> How to complete this task
Your task is to extract every entry that follows word for word while excluding the pictures.
====== Given data
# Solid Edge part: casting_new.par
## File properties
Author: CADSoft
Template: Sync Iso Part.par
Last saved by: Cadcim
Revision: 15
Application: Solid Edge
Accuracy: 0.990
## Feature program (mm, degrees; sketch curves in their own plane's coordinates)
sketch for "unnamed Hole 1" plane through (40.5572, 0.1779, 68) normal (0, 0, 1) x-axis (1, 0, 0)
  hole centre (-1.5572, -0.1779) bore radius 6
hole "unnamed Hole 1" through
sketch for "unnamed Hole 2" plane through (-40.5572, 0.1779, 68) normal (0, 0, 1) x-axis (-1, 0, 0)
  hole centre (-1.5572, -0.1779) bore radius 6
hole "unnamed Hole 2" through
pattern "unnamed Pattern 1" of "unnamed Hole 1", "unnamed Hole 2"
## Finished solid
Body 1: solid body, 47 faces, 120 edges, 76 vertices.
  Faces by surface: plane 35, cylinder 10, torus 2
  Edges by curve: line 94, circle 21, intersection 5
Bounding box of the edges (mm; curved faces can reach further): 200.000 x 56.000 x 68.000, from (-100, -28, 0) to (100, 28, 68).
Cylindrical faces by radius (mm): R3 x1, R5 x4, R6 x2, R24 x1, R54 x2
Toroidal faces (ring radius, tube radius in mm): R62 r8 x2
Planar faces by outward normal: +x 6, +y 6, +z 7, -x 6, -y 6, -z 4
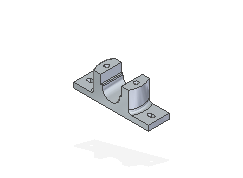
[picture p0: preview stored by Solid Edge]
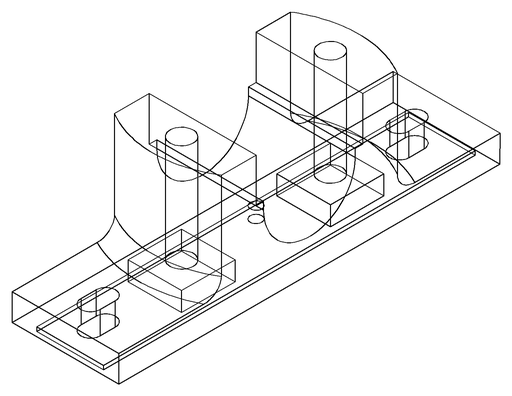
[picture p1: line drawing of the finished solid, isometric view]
============
> Response to this exercise
# Solid Edge part: casting_new.par
## File properties
Author: CADSoft
Template: Sync Iso Part.par
Last saved by: Cadcim
Revision: 15
Application: Solid Edge
Accuracy: 0.990
## Feature program (mm, degrees; sketch curves in their own plane's coordinates)
sketch for "unnamed Hole 1" plane through (40.5572, 0.1779, 68) normal (0, 0, 1) x-axis (1, 0, 0)
  hole centre (-1.5572, -0.1779) bore radius 6
hole "unnamed Hole 1" through
sketch for "unnamed Hole 2" plane through (-40.5572, 0.1779, 68) normal (0, 0, 1) x-axis (-1, 0, 0)
  hole centre (-1.5572, -0.1779) bore radius 6
hole "unnamed Hole 2" through
pattern "unnamed Pattern 1" of "unnamed Hole 1", "unnamed Hole 2"
## Finished solid
Body 1: solid body, 47 faces, 120 edges, 76 vertices.
  Faces by surface: plane 35, cylinder 10, torus 2
  Edges by curve: line 94, circle 21, intersection 5
Bounding box of the edges (mm; curved faces can reach further): 200.000 x 56.000 x 68.000, from (-100, -28, 0) to (100, 28, 68).
Cylindrical faces by radius (mm): R3 x1, R5 x4, R6 x2, R24 x1, R54 x2
Toroidal faces (ring radius, tube radius in mm): R62 r8 x2
Planar faces by outward normal: +x 6, +y 6, +z 7, -x 6, -y 6, -z 4
[picture p0: preview stored by Solid Edge]
[picture p1: line drawing of the finished solid, isometric view]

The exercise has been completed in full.